Apart from chunking and chunk and period-related columns, the results data have the a set of columns for each calculated metric.

  • targets_missing_rate - The fraction of missing target data.

  • value - the realized metric value for a specific chunk.

  • sampling_error - the estimate of the Sampling Error.

  • upper_threshold and lower_threshold - crossing these thresholds will raise an alert on significant performance change. The thresholds are calculated based on the actual performance of the monitored model on chunks in the reference partition. The thresholds are 3 standard deviations away from the mean performance calculated on chunks. They are calculated during fit phase.

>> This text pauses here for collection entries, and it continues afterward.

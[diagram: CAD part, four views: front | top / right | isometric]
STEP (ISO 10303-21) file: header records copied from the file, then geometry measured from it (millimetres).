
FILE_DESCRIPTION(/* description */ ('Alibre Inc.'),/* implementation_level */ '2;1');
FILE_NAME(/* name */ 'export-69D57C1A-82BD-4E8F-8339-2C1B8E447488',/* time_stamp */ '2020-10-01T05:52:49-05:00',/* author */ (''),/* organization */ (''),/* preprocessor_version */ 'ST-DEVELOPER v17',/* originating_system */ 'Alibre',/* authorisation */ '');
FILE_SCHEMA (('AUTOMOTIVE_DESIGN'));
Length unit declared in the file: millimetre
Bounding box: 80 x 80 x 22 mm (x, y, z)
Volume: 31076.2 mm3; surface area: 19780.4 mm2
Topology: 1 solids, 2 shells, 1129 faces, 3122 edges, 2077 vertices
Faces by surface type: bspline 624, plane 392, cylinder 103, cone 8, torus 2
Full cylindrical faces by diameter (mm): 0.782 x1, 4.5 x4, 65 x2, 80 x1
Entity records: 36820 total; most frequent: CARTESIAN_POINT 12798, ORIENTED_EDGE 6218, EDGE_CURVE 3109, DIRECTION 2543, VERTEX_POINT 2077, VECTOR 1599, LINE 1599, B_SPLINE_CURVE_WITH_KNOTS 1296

  • alert - flag indicating potentially significant performance change. True if estimated performance crosses upper or lower threshold.

The results can be plotted for visual inspection:

>>> figure = results.plot()
>>> figure.show()
../../_images/tutorial-performance-calculation-multiclass.svg

Insights

After reviewing the performance calculation results, we should be able to clearly see how the model is performing against the targets, according to whatever metrics we wish to track.

What Next

If we decide further investigation is needed, the Data Drift functionality can help us to see what feature changes may be contributing to any performance changes.

It is also wise to check whether the model’s performance is satisfactory according to business requirements. This is an ad-hoc investigation that is not covered by NannyML.